# How to show progress of sklearn.multioutput.MultiOutputRegressor and XGBRegressor?

Is it possible to show the training progress of the MultiOutputRegressor in sklearn? When a huge dataset is processed, my program runs a long time and I have no clue how long it will take. I have shortened my program to a minimal working example below.

import numpy as np
from sklearn.multioutput import MultiOutputRegressor
import xgboost as xgb

df = np.arange(50).reshape(10,5)
train = df[:8]
test = df[8:]
X_train = train[:,0:-2]
X_test  = test[:,0:-2]
y_train = train[:,-2:]
y_test  = test[:,-2:]

eval_set = [(X_test, y_test)]
multioutputregressor = MultiOutputRegressor(xgb.XGBRegressor(eval_set=eval_set, verbose_eval=True))
multioutputregressor.fit(X_train, y_train)
predictions = multioutputregressor.predict(X_test)
print(predictions)

• There is no built-in progress bar for scikit learn and most of the ML algorithms.

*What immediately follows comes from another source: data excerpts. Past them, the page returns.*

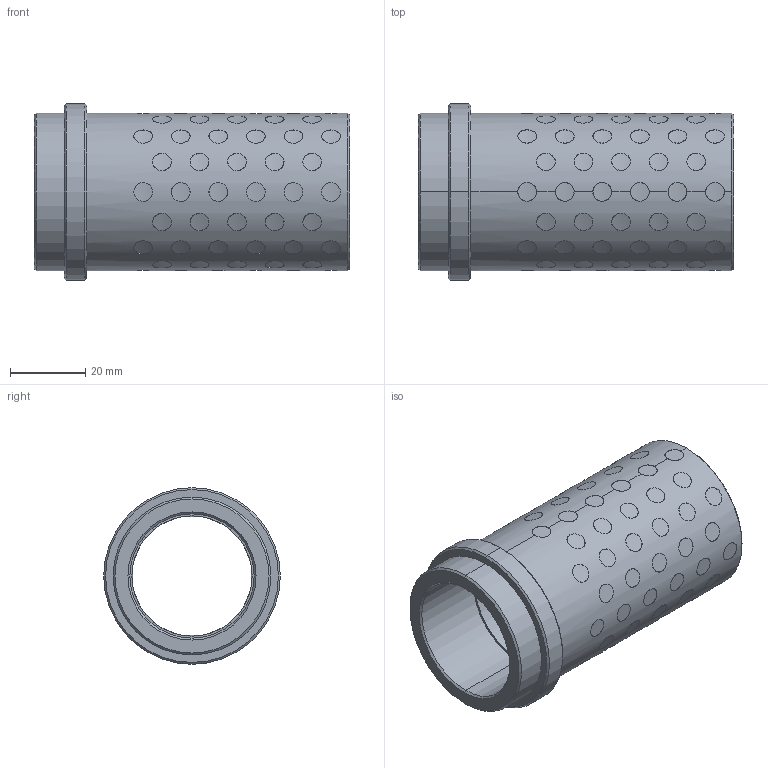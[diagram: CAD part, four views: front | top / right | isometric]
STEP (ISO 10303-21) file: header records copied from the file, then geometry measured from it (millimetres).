
FILE_DESCRIPTION((''),'2;1');
FILE_NAME('G31232076','2017-12-30T',('MANU'),(''),'PRO/ENGINEER BY PARAMETRIC TECHNOLOGY CORPORATION, 2012130','PRO/ENGINEER BY PARAMETRIC TECHNOLOGY CORPORATION, 2012130','');
FILE_SCHEMA(('CONFIG_CONTROL_DESIGN'));
Length unit declared in the file: millimetre
Products named in the file (1): G31232076
Bounding box: 84 x 47 x 47 mm (x, y, z)
Volume: 49524.5 mm3; surface area: 35077.3 mm2
Topology: 89 solids, 89 shells, 555 faces, 1182 edges, 784 vertices
Faces by surface type: cylinder 538, cone 12, plane 5
Entity records: 27430 total; most frequent: CARTESIAN_POINT 16605, ORIENTED_EDGE 2364, DIRECTION 1572, EDGE_CURVE 1182, VERTEX_POINT 784, B_SPLINE_CURVE_WITH_KNOTS 752, EDGE_LOOP 712, AXIS2_PLACEMENT_3D 587
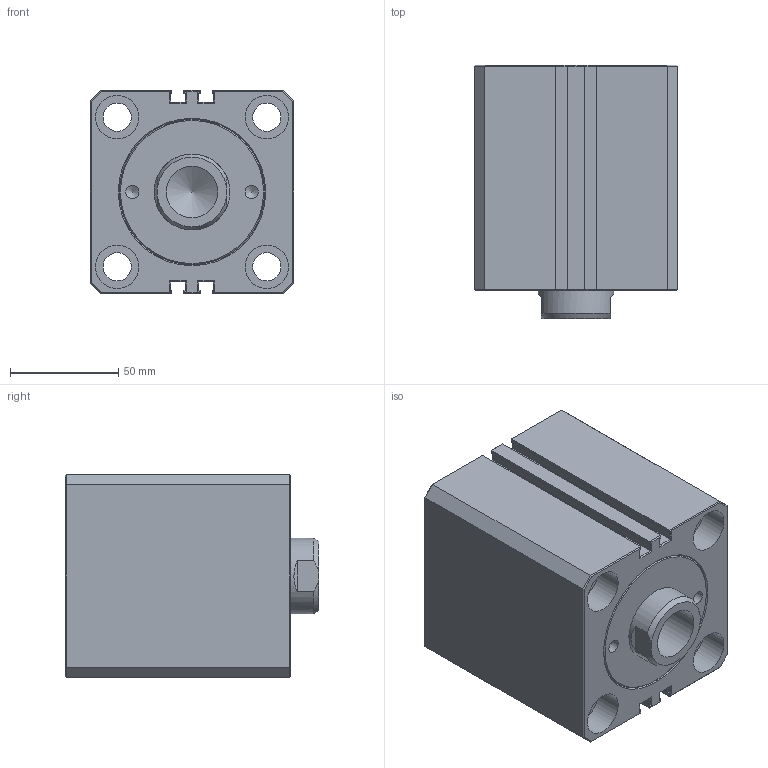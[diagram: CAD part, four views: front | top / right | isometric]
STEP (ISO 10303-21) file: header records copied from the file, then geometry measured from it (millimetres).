
FILE_DESCRIPTION(/* description */ ('Unknown'),/* implementation_level */ '2;1');
FILE_NAME(/* name */ 'HTM140-SD63X20N',/* time_stamp */ '2022-09-01T01:33:43+08:00',/* author */ ('Unknown'),/* organization */ ('Unknown'),/* preprocessor_version */ 'ST-DEVELOPER v16.7',/* originating_system */ 'DEX',/* authorisation */ $);
FILE_SCHEMA (('AUTOMOTIVE_DESIGN {1 0 10303 214 3 1 1}'));
Length unit declared in the file: millimetre
Products named in the file (1): HTM140-SD63X20N
Bounding box: 94 x 117 x 94 mm (x, y, z)
Volume: 817617.9 mm3; surface area: 84017 mm2
Topology: 1 solids, 1 shells, 187 faces, 428 edges, 257 vertices
Faces by surface type: plane 140, cylinder 19, cone 16, bspline 12
Full cylindrical faces by diameter (mm): 6 x1, 6.1 x2, 12.301 x2, 13 x4, 20 x8, 23.752 x1, 35 x1
Entity records: 6353 total; most frequent: CARTESIAN_POINT 1061, ORIENTED_EDGE 778, DIRECTION 768, EDGE_CURVE 389, LINE 294, VECTOR 294, VERTEX_POINT 248, FACE_BOUND 239
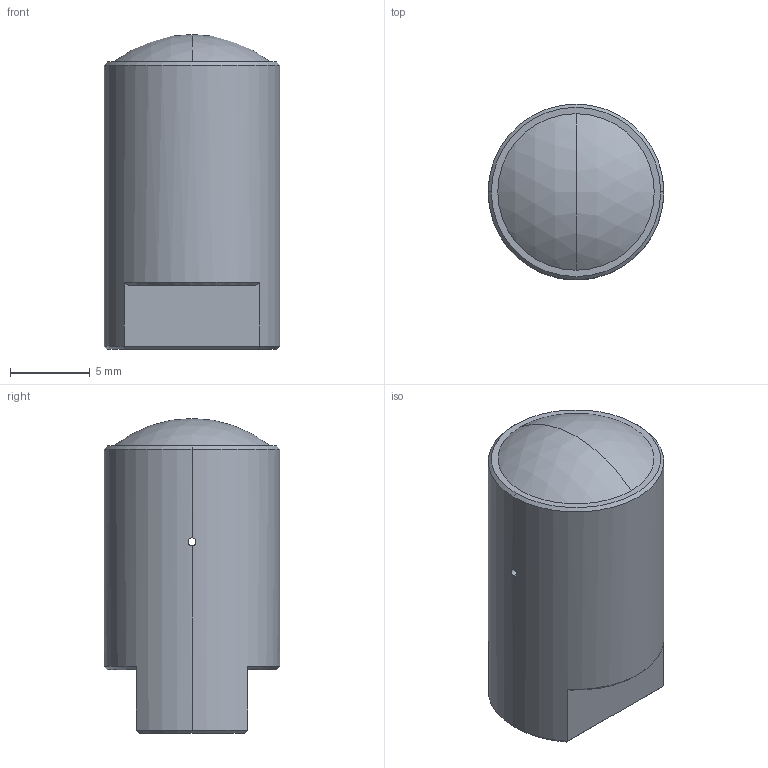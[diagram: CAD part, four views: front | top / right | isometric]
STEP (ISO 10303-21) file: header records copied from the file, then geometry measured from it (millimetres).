
FILE_DESCRIPTION (( 'STEP AP214' ), '1' );
FILE_NAME ('FTL-M4V3.STEP', '2020-10-31T06:58:59', ( '' ), ( '' ), 'SwSTEP 2.0', 'SolidWorks 2018', '' );
FILE_SCHEMA (( 'AUTOMOTIVE_DESIGN' ));
Length unit declared in the file: millimetre
Products named in the file (1): FTL-M4V3
Bounding box: 11 x 11 x 19.72 mm (x, y, z)
Volume: 1643.6 mm3; surface area: 877.4 mm2
Topology: 1 solids, 1 shells, 39 faces, 98 edges, 61 vertices
Faces by surface type: cylinder 15, plane 10, cone 9, bspline 3, sphere 2
Entity records: 1842 total; most frequent: CARTESIAN_POINT 960, ORIENTED_EDGE 196, DIRECTION 158, EDGE_CURVE 98, AXIS2_PLACEMENT_3D 61, VERTEX_POINT 61, EDGE_LOOP 41, FACE_OUTER_BOUND 39
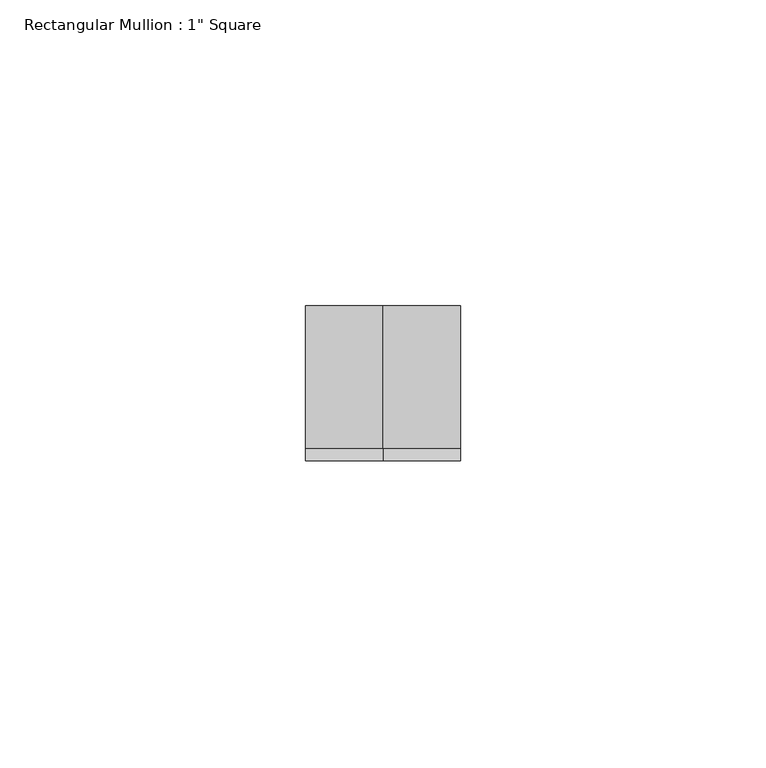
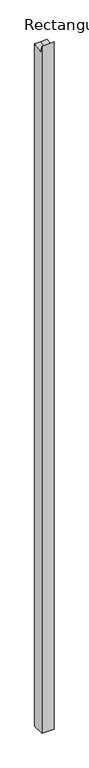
"""IFC4 building model written with IfcOpenShell, lengths in millimetres: member geometry."""

from ifc_helpers import new_model, si_unit, origin, place, context, project, spatial, faceted_brep, source, transform, mapped, element, save


def member_67cfadff(model_context):
    return source(origin(), model_context, "Body", "Brep", [
        faceted_brep([(12.7, 12.7, -1485.9), (12.7, -12.7, -1485.9), (-12.7, -12.7, -1485.9), (-12.7, 12.7, -1485.9), (-12.7, 12.7, 1.7713295), (0.0, 12.7, 1.7713295), (12.7, 12.7, 1.7713295), (-12.7, -12.7, 11.7479412), (-12.7, -10.6645783, -1.7515317), (12.7, -12.7, 11.7479412), (0.0, -12.7, 11.7479412), (12.7, -10.6645783, -1.7515317), (0.0, -10.6645783, -1.7515317)], [[[0, 1, 2, 3]], [[4, 5, 6, 0, 3]], [[7, 8, 4, 3, 2]], [[9, 10, 7, 2, 1]], [[6, 11, 9, 1, 0]], [[6, 5, 12, 11]], [[5, 4, 8, 12]], [[8, 7, 10, 12]], [[10, 9, 11, 12]]]),
    ])


if __name__ == "__main__":
    model = new_model("IFC4")
    model_context = context("Model", 3, world=origin())
    ifc_project = project(units=[si_unit("LENGTHUNIT", "METRE", prefix="MILLI")], contexts=[model_context])
    site = spatial("IfcSite", under=ifc_project)
    building = spatial("IfcBuilding", under=site)
    placement = place(None, origin())
    member_shape = member_67cfadff(model_context)
    element("IfcMember", 1, ObjectType="Rectangular Mullion : 1\" Square", at=placement, inside=building, context=model_context, shape_type="MappedRepresentation", body=[
        mapped(member_shape, transform((0.0, 0.0, 0.0), x_axis=(1.0, 0.0, 0.0), y_axis=(0.0, 1.0, 0.0), z_axis=(0.0, 0.0, 1.0))),
    ])
    save(model, "model.ifc")
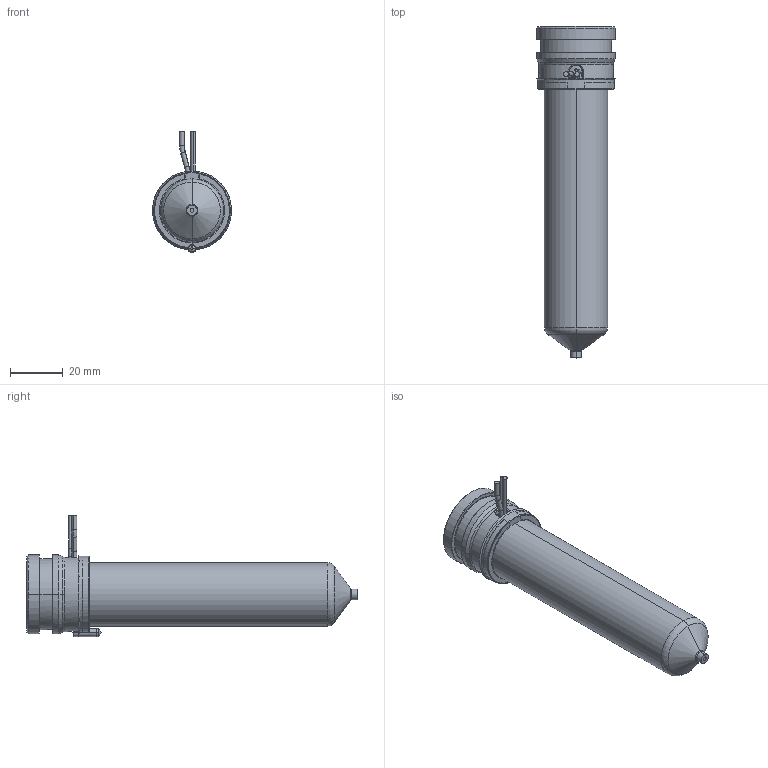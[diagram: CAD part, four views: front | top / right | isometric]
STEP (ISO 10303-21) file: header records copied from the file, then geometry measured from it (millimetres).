
FILE_DESCRIPTION((''),'2;1');
FILE_NAME('MPN-10-29-VP4-106-A','2026-02-05T12:42:42',('UPTIO'),('Thermoplay S.p.A.'),'CREO PARAMETRIC BY PTC INC, 2023494','CREO PARAMETRIC BY PTC INC, 2023494','');
FILE_SCHEMA(('CONFIG_CONTROL_DESIGN','SHAPE_APPEARANCE_LAYERS_GROUPS'));
Length unit declared in the file: millimetre
Products named in the file (1): MPN-10-29-VP4-106-A
Bounding box: 30 x 126.1 x 46 mm (x, y, z)
Volume: 39949.1 mm3; surface area: 40149.7 mm2
Topology: 2 solids, 3 shells, 582 faces, 1548 edges, 964 vertices
Faces by surface type: cylinder 180, plane 155, bspline 98, torus 70, cone 68, sphere 7, extrusion 4
Entity records: 30001 total; most frequent: CARTESIAN_POINT 13050, ORIENTED_EDGE 3084, DIRECTION 2695, EDGE_CURVE 1542, AXIS2_PLACEMENT_3D 1065, VERTEX_POINT 964, EDGE_LOOP 610, CIRCLE 584
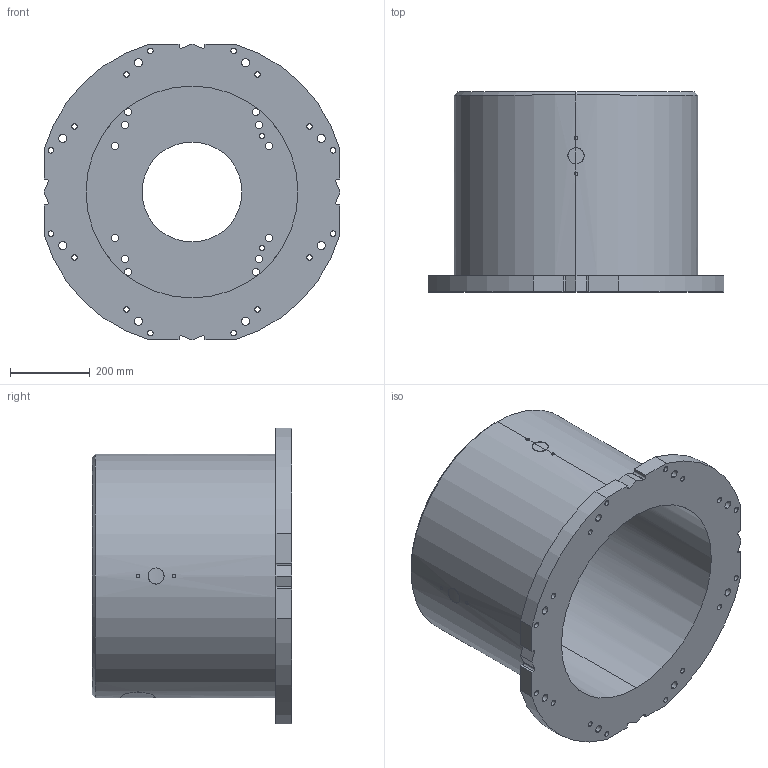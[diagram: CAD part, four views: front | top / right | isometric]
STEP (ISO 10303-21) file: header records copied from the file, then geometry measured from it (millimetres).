
FILE_DESCRIPTION (( 'STEP AP214' ), '1' );
FILE_NAME ('M-500.STEP', '2025-12-09T10:33:26', ( '' ), ( '' ), 'SwSTEP 2.0', 'SolidWorks 2022', '' );
FILE_SCHEMA (( 'AUTOMOTIVE_DESIGN' ));
Length unit declared in the file: millimetre
Products named in the file (1): M-500
Bounding box: 740 x 500 x 740 mm (x, y, z)
Volume: 48285008.2 mm3; surface area: 2648503.7 mm2
Topology: 1 solids, 1 shells, 194 faces, 540 edges, 356 vertices
Faces by surface type: cylinder 144, plane 28, bspline 16, cone 6
Entity records: 10731 total; most frequent: CARTESIAN_POINT 4761, ORIENTED_EDGE 1072, DIRECTION 1000, EDGE_CURVE 536, AXIS2_PLACEMENT_3D 393, VERTEX_POINT 356, EDGE_LOOP 284, LINE 214
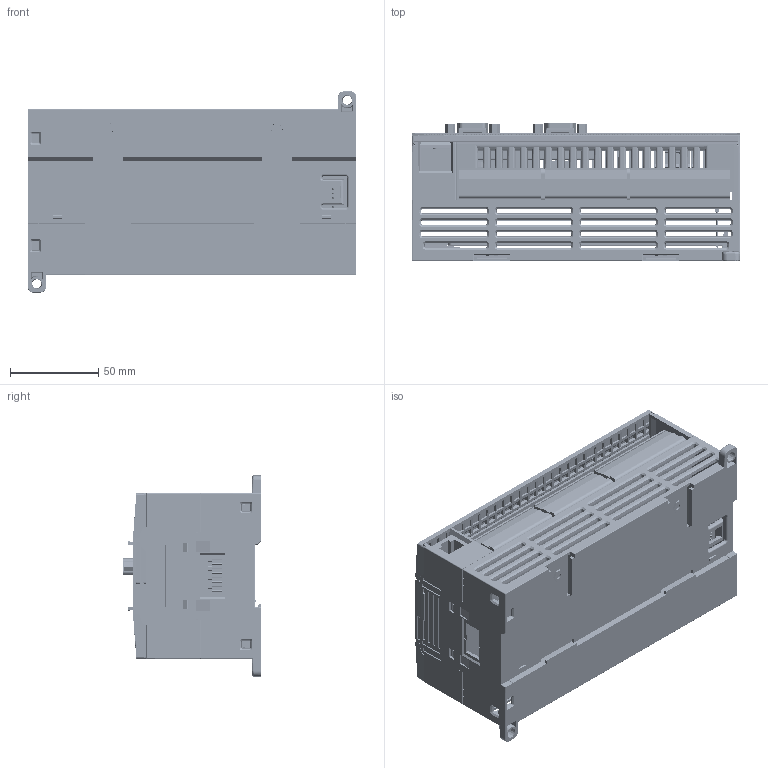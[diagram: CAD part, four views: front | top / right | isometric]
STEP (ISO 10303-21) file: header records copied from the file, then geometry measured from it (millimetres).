
FILE_DESCRIPTION (( 'STEP AP214' ), '1' );
FILE_NAME ('K608-×°Åä²úÆ·.STEP', '2022-04-15T09:08:25', ( '' ), ( '' ), 'SwSTEP 2.0', 'SolidWorks 2020', '' );
FILE_SCHEMA (( 'AUTOMOTIVE_DESIGN' ));
Length unit declared in the file: millimetre
Products named in the file (1): K608-蚾饜莉こ
Bounding box: 186.21 x 78.2 x 114 mm (x, y, z)
Volume: 306332.4 mm3; surface area: 351382.6 mm2
Topology: 117 solids, 118 shells, 19697 faces, 50354 edges, 33253 vertices
Faces by surface type: plane 15468, cylinder 3707, bspline 284, cone 234, torus 4
Entity records: 845327 total; most frequent: CARTESIAN_POINT 182369, ORIENTED_EDGE 100668, DIRECTION 73526, EDGE_CURVE 50334, VERTEX_POINT 33255, VECTOR 30454, LINE 30454, EDGE_LOOP 22761
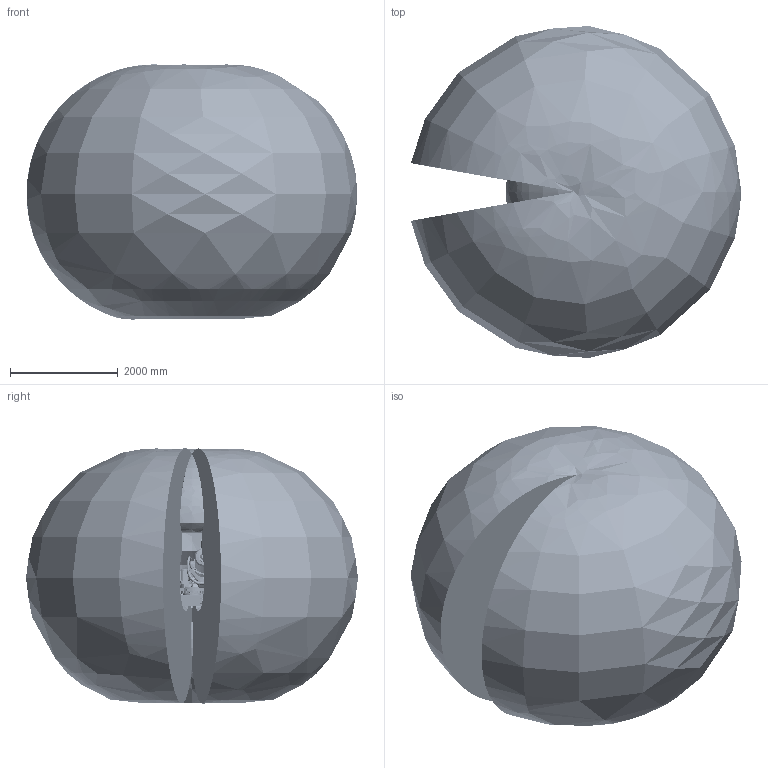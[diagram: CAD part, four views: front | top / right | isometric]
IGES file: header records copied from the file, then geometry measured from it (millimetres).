
Start section: SolidWorks IGES file using analytic representation for surfaces
Global section: file name: C:\DATA\SAP_DOC\LW\IRB 6730S\IRB6730S-MH3_270kg-310_OC_01_SW_J\export\IRB6730S-MH3_270kg-310_OC_01_IGES_J\IRB6730S-MH3_270kg-310_OC_01_ASM_CAD.igs; native system: SolidWorks 2024; preprocessor: SolidWorks 2024; author: SEJOVAS3; date: 260526.131609; units: millimetre
Bounding box: 6151.14 x 6175 x 4745.51 mm (x, y, z)
Surface area: 160409979.4 mm2 (no closed solid volume)
Topology: 0 solids, 0 shells, 9702 faces, 159388 edges, 159129 vertices
Faces by surface type: bspline 5594, revolution 4108

There are might be a solution using tqdm package see :github.com/scikit-learn/scikit-learn/issues/7574, but I am not sure it will work on MultiOutputRegressor or not!! – TwinPenguins Aug 9 '18 at 9:34
• Thanks, I tried this but unfortunately it doesn't work in my case, since XGBRegressor doesn't have a partial_fit method. – Dennis Aug 9 '18 at 15:47

For example, you can print information of when the separate threads are starting and stopping in MultiOutputEstimator.fit (inherited and thus reused in MultiOutputRegressor), lines 167-169. Also, consider the tip in the documentation of the n_jobs parameter:
If 1 is given, no parallel computing code is used at all, which is useful for debugging.

You can use a similar approach to expand the debugging in XGBModel.fit (the basis of XGBRegressor).